## TASK OBJECTIVE
Only the lines with the string "transform" are needed; return each of them from the entries below.

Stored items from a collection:
:::
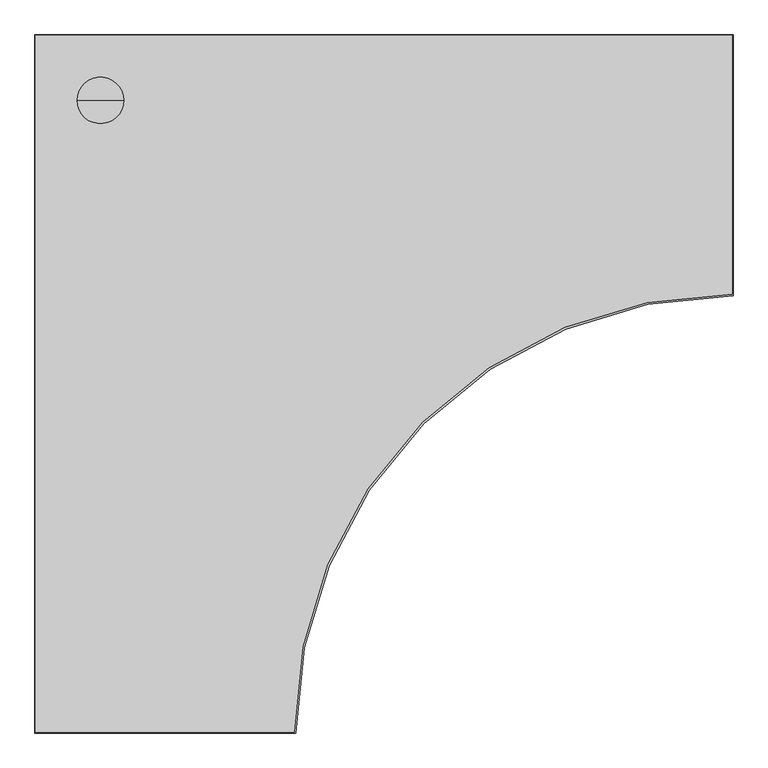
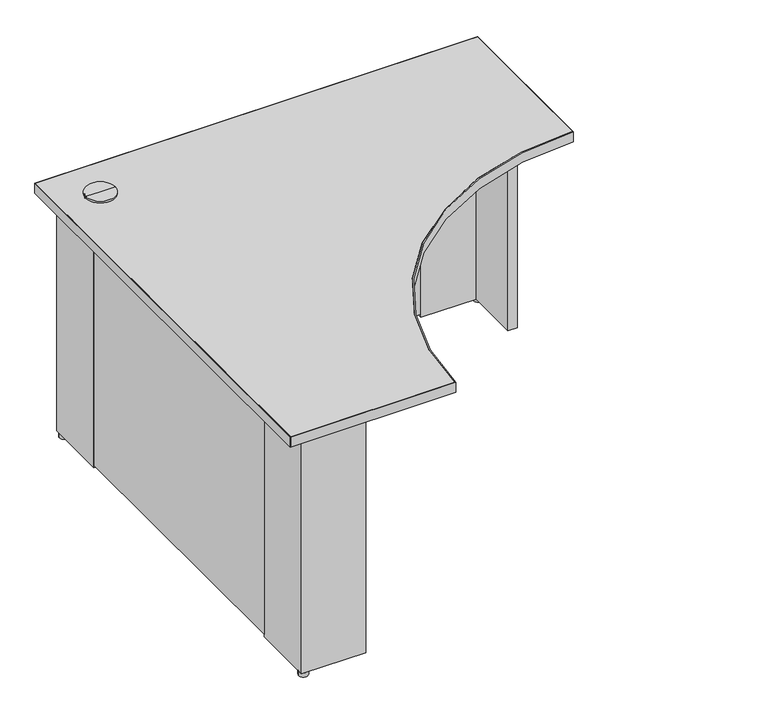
"""IFC4 building model written with IfcOpenShell, lengths in millimetres: furniture geometry, Steelcase - Kick Freestanding - Desk - Curve Corner - Full Height Modesty Panel : 18D x 48W - LPL."""

from ifc_helpers import new_model, si_unit, point, frame, frame_2d, origin, origin_with_axes, place, context, project, spatial, polyline, circle_curve, trimmed, segment, composite_curve, outline, extrude, source, transform, mapped, element, save
from ifc_brep_helpers import plane_surface, cylinder_surface, advanced_brep


def furniture_f3d3dbd9(model_context):
    return source(origin(), model_context, "Body", "SolidModel", [
        extrude(outline(polyline([(1026.4393822, -63.5), (1026.4393822, -38.1), (1204.2393579, -38.1), (1204.2393579, -215.8999939), (1178.3313463, -215.8999939), (1178.3313463, -63.5), (1026.4393822, -63.5)])), frame((0.0, 0.0, 12.446), z_axis=(0.0, 0.0, 1.0), x_axis=(1.0, 0.0, 0.0)), (0.0, 0.0, 1.0), 682.498),
        extrude(outline(polyline([(215.8999939, -63.5), (63.5, -63.5), (63.5, -215.8999939), (38.1, -215.8999939), (38.1, -38.1), (215.8999939, -38.1), (215.8999939, -63.5)])), frame((0.0, 0.0, 12.446), z_axis=(0.0, 0.0, 1.0), x_axis=(1.0, 0.0, 0.0)), (0.0, 0.0, 1.0), 682.498),
        advanced_brep(
        [(114.3, -114.3, 728.98), (154.94, -114.3, 728.98), (73.66, -114.3, 728.98), (76.1699693, -114.3, 694.944), (152.4300307, -114.3, 694.944), (114.3, -114.3, 694.944), (76.1699693, -114.3, 723.9), (152.4300307, -114.3, 723.9), (73.66, -114.3, 723.9), (154.94, -114.3, 723.9)],
        [
            (0, 1),
            (1, 2, circle_curve(frame((114.3, -114.3, 728.98), z_axis=(0.0, 0.0, 1.0), x_axis=(1.0, 0.0, 0.0)), 40.64)),
            (2, 0),
            (2, 1, circle_curve(frame((114.3, -114.3, 728.98), z_axis=(0.0, 0.0, 1.0), x_axis=(1.0, 0.0, 0.0)), 40.64)),
            (3, 4, circle_curve(frame((114.3, -114.3, 694.944), z_axis=(0.0, 0.0, -1.0), x_axis=(1.0, 0.0, 0.0)), 38.1300307)),
            (4, 5),
            (5, 3),
            (4, 3, circle_curve(frame((114.3, -114.3, 694.944), z_axis=(0.0, 0.0, -1.0), x_axis=(1.0, 0.0, 0.0)), 38.1300307)),
            (6, 7, circle_curve(frame((114.3, -114.3, 723.9), z_axis=(0.0, 0.0, -1.0), x_axis=(1.0, 0.0, 0.0)), 38.1300307)),
            (7, 4),
            (3, 6),
            (7, 6, circle_curve(frame((114.3, -114.3, 723.9), z_axis=(0.0, 0.0, -1.0), x_axis=(1.0, 0.0, 0.0)), 38.1300307)),
            (8, 9, circle_curve(frame((114.3, -114.3, 723.9), z_axis=(0.0, 0.0, -1.0), x_axis=(1.0, 0.0, 0.0)), 40.64)),
            (9, 7),
            (6, 8),
            (9, 8, circle_curve(frame((114.3, -114.3, 723.9), z_axis=(0.0, 0.0, -1.0), x_axis=(1.0, 0.0, 0.0)), 40.64)),
            (1, 9),
            (8, 2),
        ],
        [
            plane_surface(frame((114.3, -114.3, 728.98), z_axis=(0.0, 0.0, 1.0), x_axis=(1.0, 0.0, 0.0))),
            plane_surface(frame((114.3, -114.3, 694.944), z_axis=(0.0, 0.0, -1.0), x_axis=(1.0, 0.0, 0.0))),
            cylinder_surface(frame((114.3, -114.3, 728.98), z_axis=(0.0, 0.0, 1.0), x_axis=(1.0, 0.0, 0.0)), 38.1300307),
            plane_surface(frame((114.3, -114.3, 723.9), z_axis=(0.0, 0.0, -1.0), x_axis=(1.0, 0.0, 0.0))),
            cylinder_surface(frame((114.3, -114.3, 728.98), z_axis=(0.0, 0.0, 1.0), x_axis=(1.0, 0.0, 0.0)), 40.64),
        ],
        [
            (0, [[1, 2, 3]]),
            (0, [[-3, 4, -1]]),
            (1, [[5, 6, 7]]),
            (1, [[8, -7, -6]]),
            (2, [[9, 10, -5, 11]]),
            (2, [[12, -11, -8, -10]]),
            (3, [[13, 14, -9, 15]]),
            (3, [[16, -15, -12, -14]]),
            (4, [[-2, 17, -13, 18]]),
            (4, [[-4, -18, -16, -17]]),
        ],
    ),
        extrude(outline(composite_curve([segment(trimmed(circle_curve(frame_2d((50.8, -50.8)), 12.7), [point((38.1, -50.8))], [point((63.5, -50.8))], False, "CARTESIAN"), True, "CONTINUOUS"), segment(trimmed(circle_curve(frame_2d((50.8, -50.8)), 12.7), [point((63.5, -50.8))], [point((38.1, -50.8))], False, "CARTESIAN"), True, "CONTINUOUS")], self_intersect=False)), origin_with_axes(), (0.0, 0.0, 1.0), 12.446),
        extrude(outline(composite_curve([segment(trimmed(circle_curve(frame_2d((50.8, -1192.5300073)), 12.7484998), [point((38.0515002, -1192.5300073))], [point((63.5484998, -1192.5300073))], False, "CARTESIAN"), True, "CONTINUOUS"), segment(trimmed(circle_curve(frame_2d((50.8, -1192.5300073)), 12.7484998), [point((63.5484998, -1192.5300073))], [point((38.0515002, -1192.5300073))], False, "CARTESIAN"), True, "CONTINUOUS")], self_intersect=False)), origin_with_axes(), (0.0, 0.0, 1.0), 12.446),
        extrude(outline(composite_curve([segment(trimmed(circle_curve(frame_2d((1191.2853521, -50.8)), 12.7), [point((1178.5853521, -50.8))], [point((1203.9853521, -50.8))], False, "CARTESIAN"), True, "CONTINUOUS"), segment(trimmed(circle_curve(frame_2d((1191.2853521, -50.8)), 12.7), [point((1203.9853521, -50.8))], [point((1178.5853521, -50.8))], False, "CARTESIAN"), True, "CONTINUOUS")], self_intersect=False)), origin_with_axes(), (0.0, 0.0, 1.0), 12.446),
        extrude(outline(polyline([(63.5, -215.8999939), (63.5, -1027.4300194), (38.1, -1027.4300194), (38.1, -215.8999939), (63.5, -215.8999939)])), frame((0.0, 0.0, 20.828), z_axis=(0.0, 0.0, 1.0), x_axis=(1.0, 0.0, 0.0)), (0.0, 0.0, 1.0), 674.116),
        extrude(outline(polyline([(1026.4393822, -38.1), (1026.4393822, -63.5), (215.8999939, -63.5), (215.8999939, -38.1), (1026.4393822, -38.1)])), frame((0.0, 0.0, 20.828), z_axis=(0.0, 0.0, 1.0), x_axis=(1.0, 0.0, 0.0)), (0.0, 0.0, 1.0), 674.116),
        extrude(outline(polyline([(215.8999939, -1179.8300194), (215.8999939, -1205.2299952), (38.1, -1205.2299952), (38.1, -1027.4300194), (63.5, -1027.4300194), (63.5, -1179.8300194), (215.8999939, -1179.8300194)])), frame((0.0, 0.0, 12.446), z_axis=(0.0, 0.0, 1.0), x_axis=(1.0, 0.0, 0.0)), (0.0, 0.0, 1.0), 682.498),
        extrude(outline(composite_curve([segment(polyline([(0.9906, -1218.2093628), (0.9906, -0.9906), (1218.2093628, -0.9906), (1218.2093628, -452.9354109)]), True, "CONTINUOUS"), segment(trimmed(circle_curve(frame_2d((1216.9393458, -1216.9393458)), 764.0049905), [point((1218.2093628, -452.9354109))], [point((452.9354109, -1218.2093628))], True, "CARTESIAN"), True, "CONTINUOUS"), segment(polyline([(452.9354109, -1218.2093628), (0.9906, -1218.2093628)]), True, "CONTINUOUS")], self_intersect=False)), frame((0.0, 0.0, 694.944), z_axis=(0.0, 0.0, 1.0), x_axis=(1.0, 0.0, 0.0)), (0.0, 0.0, 1.0), 28.956),
        extrude(outline(composite_curve([segment(polyline([(1219.2, 0.0), (1219.2, -455.932629)]), True, "CONTINUOUS"), segment(trimmed(circle_curve(frame_2d((1217.929983, -1217.929983)), 761.9984124), [point((1219.2, -455.932629))], [point((455.932629, -1219.2))], True, "CARTESIAN"), True, "CONTINUOUS"), segment(polyline([(455.932629, -1219.2), (0.0, -1219.2), (0.0, 0.0), (1219.2, 0.0)]), True, "CONTINUOUS")], self_intersect=False), holes=[composite_curve([segment(polyline([(1218.2093628, -0.9906), (0.9906, -0.9906), (0.9906, -1218.2093628), (452.9354109, -1218.2093628)]), True, "CONTINUOUS"), segment(trimmed(circle_curve(frame_2d((1216.9393458, -1216.9393458)), 764.0049905), [point((452.9354109, -1218.2093628))], [point((1218.2093628, -452.9354109))], False, "CARTESIAN"), True, "CONTINUOUS"), segment(polyline([(1218.2093628, -452.9354109), (1218.2093628, -0.9906)]), True, "CONTINUOUS")], self_intersect=False)]), frame((0.0, 0.0, 694.944), z_axis=(0.0, 0.0, 1.0), x_axis=(1.0, 0.0, 0.0)), (0.0, 0.0, 1.0), 28.956),
    ])


if __name__ == "__main__":
    model = new_model("IFC4")
    model_context = context("Model", 3, world=origin())
    ifc_project = project(units=[si_unit("LENGTHUNIT", "METRE", prefix="MILLI")], contexts=[model_context])
    site = spatial("IfcSite", under=ifc_project)
    building = spatial("IfcBuilding", under=site)
    placement = place(None, origin())
    furniture_shape = furniture_f3d3dbd9(model_context)
    element("IfcFurniture", 1, ObjectType="Steelcase - Kick Freestanding - Desk - Curve Corner - Full Height Modesty Panel : 18D x 48W - LPL", at=placement, inside=building, context=model_context, shape_type="MappedRepresentation", body=[
        mapped(furniture_shape, transform((0.0, 0.0, 0.0), x_axis=(1.0, 0.0, 0.0), y_axis=(0.0, 1.0, 0.0), z_axis=(0.0, 0.0, 1.0))),
    ])
    save(model, "model.ifc")
:::
## EXPECTED ANSWER
from ifc_helpers import new_model, si_unit, point, frame, frame_2d, origin, origin_with_axes, place, context, project, spatial, polyline, circle_curve, trimmed, segment, composite_curve, outline, extrude, source, transform, mapped, element, save
        mapped(furniture_shape, transform((0.0, 0.0, 0.0), x_axis=(1.0, 0.0, 0.0), y_axis=(0.0, 1.0, 0.0), z_axis=(0.0, 0.0, 1.0))),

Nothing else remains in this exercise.